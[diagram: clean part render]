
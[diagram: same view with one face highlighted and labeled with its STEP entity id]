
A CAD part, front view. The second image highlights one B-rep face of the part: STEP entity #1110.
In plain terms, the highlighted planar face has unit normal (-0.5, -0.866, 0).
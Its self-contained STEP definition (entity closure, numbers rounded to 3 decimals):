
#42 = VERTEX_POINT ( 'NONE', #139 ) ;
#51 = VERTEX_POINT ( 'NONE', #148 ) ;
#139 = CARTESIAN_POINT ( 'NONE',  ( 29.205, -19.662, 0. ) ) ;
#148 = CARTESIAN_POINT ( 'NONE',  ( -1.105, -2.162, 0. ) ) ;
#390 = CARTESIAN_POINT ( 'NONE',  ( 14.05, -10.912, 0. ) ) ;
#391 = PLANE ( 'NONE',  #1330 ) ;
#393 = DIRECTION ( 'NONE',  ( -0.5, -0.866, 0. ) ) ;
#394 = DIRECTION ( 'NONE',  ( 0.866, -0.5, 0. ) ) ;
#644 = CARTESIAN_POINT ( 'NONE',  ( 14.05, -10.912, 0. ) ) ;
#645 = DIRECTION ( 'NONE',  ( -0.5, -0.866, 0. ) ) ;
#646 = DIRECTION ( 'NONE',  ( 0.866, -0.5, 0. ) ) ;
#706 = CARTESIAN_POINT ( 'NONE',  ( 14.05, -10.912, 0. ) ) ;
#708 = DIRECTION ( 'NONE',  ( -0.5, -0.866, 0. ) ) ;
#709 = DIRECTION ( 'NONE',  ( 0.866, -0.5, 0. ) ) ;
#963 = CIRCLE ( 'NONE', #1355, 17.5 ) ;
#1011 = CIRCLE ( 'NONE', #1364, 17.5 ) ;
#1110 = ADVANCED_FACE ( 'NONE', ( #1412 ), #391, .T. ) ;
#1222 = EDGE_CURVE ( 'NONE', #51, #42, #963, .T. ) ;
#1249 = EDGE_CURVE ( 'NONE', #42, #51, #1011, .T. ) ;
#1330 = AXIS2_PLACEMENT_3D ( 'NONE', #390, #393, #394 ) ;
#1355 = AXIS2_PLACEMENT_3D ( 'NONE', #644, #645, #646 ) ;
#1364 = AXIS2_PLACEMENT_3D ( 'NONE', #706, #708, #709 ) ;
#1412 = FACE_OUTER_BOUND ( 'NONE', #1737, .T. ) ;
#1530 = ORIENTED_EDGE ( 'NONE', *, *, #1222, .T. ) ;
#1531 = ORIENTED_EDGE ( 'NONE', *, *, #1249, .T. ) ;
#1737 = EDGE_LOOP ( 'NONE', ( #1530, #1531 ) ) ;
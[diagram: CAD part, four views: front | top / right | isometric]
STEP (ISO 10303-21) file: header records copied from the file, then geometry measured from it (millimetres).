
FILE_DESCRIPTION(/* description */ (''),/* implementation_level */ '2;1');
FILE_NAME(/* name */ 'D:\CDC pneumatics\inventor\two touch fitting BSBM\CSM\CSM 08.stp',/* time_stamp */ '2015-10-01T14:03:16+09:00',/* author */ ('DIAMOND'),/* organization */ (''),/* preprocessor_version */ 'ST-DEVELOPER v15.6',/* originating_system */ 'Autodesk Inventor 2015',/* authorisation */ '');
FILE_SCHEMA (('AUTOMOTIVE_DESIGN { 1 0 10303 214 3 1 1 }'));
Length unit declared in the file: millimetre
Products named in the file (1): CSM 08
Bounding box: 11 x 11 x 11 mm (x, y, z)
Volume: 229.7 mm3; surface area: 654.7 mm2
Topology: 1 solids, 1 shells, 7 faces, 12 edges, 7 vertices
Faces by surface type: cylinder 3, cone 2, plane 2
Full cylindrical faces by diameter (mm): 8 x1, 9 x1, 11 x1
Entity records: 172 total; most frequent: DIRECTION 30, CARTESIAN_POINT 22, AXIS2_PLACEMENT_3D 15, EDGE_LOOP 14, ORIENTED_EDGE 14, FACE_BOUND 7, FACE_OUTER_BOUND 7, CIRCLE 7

WORK INSTRUCTIONS: Write out the entries verbatim, all of them.

ANSWER TO THIS TASK:
[diagram: clean part render]
[diagram: same view with one face highlighted and labeled with its STEP entity id]
A CAD part, front view. The second image highlights one B-rep face of the part: STEP entity #1110.
In plain terms, the highlighted planar face has unit normal (-0.5, -0.866, 0).
Its self-contained STEP definition (entity closure, numbers rounded to 3 decimals):
#42 = VERTEX_POINT ( 'NONE', #139 ) ;
#51 = VERTEX_POINT ( 'NONE', #148 ) ;
#139 = CARTESIAN_POINT ( 'NONE',  ( 29.205, -19.662, 0. ) ) ;
#148 = CARTESIAN_POINT ( 'NONE',  ( -1.105, -2.162, 0. ) ) ;
#390 = CARTESIAN_POINT ( 'NONE',  ( 14.05, -10.912, 0. ) ) ;
#391 = PLANE ( 'NONE',  #1330 ) ;
#393 = DIRECTION ( 'NONE',  ( -0.5, -0.866, 0. ) ) ;
#394 = DIRECTION ( 'NONE',  ( 0.866, -0.5, 0. ) ) ;
#644 = CARTESIAN_POINT ( 'NONE',  ( 14.05, -10.912, 0. ) ) ;
#645 = DIRECTION ( 'NONE',  ( -0.5, -0.866, 0. ) ) ;
#646 = DIRECTION ( 'NONE',  ( 0.866, -0.5, 0. ) ) ;
#706 = CARTESIAN_POINT ( 'NONE',  ( 14.05, -10.912, 0. ) ) ;
#708 = DIRECTION ( 'NONE',  ( -0.5, -0.866, 0. ) ) ;
#709 = DIRECTION ( 'NONE',  ( 0.866, -0.5, 0. ) ) ;
#963 = CIRCLE ( 'NONE', #1355, 17.5 ) ;
#1011 = CIRCLE ( 'NONE', #1364, 17.5 ) ;
#1110 = ADVANCED_FACE ( 'NONE', ( #1412 ), #391, .T. ) ;
#1222 = EDGE_CURVE ( 'NONE', #51, #42, #963, .T. ) ;
#1249 = EDGE_CURVE ( 'NONE', #42, #51, #1011, .T. ) ;
#1330 = AXIS2_PLACEMENT_3D ( 'NONE', #390, #393, #394 ) ;
#1355 = AXIS2_PLACEMENT_3D ( 'NONE', #644, #645, #646 ) ;
#1364 = AXIS2_PLACEMENT_3D ( 'NONE', #706, #708, #709 ) ;
#1412 = FACE_OUTER_BOUND ( 'NONE', #1737, .T. ) ;
#1530 = ORIENTED_EDGE ( 'NONE', *, *, #1222, .T. ) ;
#1531 = ORIENTED_EDGE ( 'NONE', *, *, #1249, .T. ) ;
#1737 = EDGE_LOOP ( 'NONE', ( #1530, #1531 ) ) ;
[diagram: CAD part, four views: front | top / right | isometric]
STEP (ISO 10303-21) file: header records copied from the file, then geometry measured from it (millimetres).
FILE_DESCRIPTION(/* description */ (''),/* implementation_level */ '2;1');
FILE_NAME(/* name */ 'D:\CDC pneumatics\inventor\two touch fitting BSBM\CSM\CSM 08.stp',/* time_stamp */ '2015-10-01T14:03:16+09:00',/* author */ ('DIAMOND'),/* organization */ (''),/* preprocessor_version */ 'ST-DEVELOPER v15.6',/* originating_system */ 'Autodesk Inventor 2015',/* authorisation */ '');
FILE_SCHEMA (('AUTOMOTIVE_DESIGN { 1 0 10303 214 3 1 1 }'));
Length unit declared in the file: millimetre
Products named in the file (1): CSM 08
Bounding box: 11 x 11 x 11 mm (x, y, z)
Volume: 229.7 mm3; surface area: 654.7 mm2
Topology: 1 solids, 1 shells, 7 faces, 12 edges, 7 vertices
Faces by surface type: cylinder 3, cone 2, plane 2
Full cylindrical faces by diameter (mm): 8 x1, 9 x1, 11 x1
Entity records: 172 total; most frequent: DIRECTION 30, CARTESIAN_POINT 22, AXIS2_PLACEMENT_3D 15, EDGE_LOOP 14, ORIENTED_EDGE 14, FACE_BOUND 7, FACE_OUTER_BOUND 7, CIRCLE 7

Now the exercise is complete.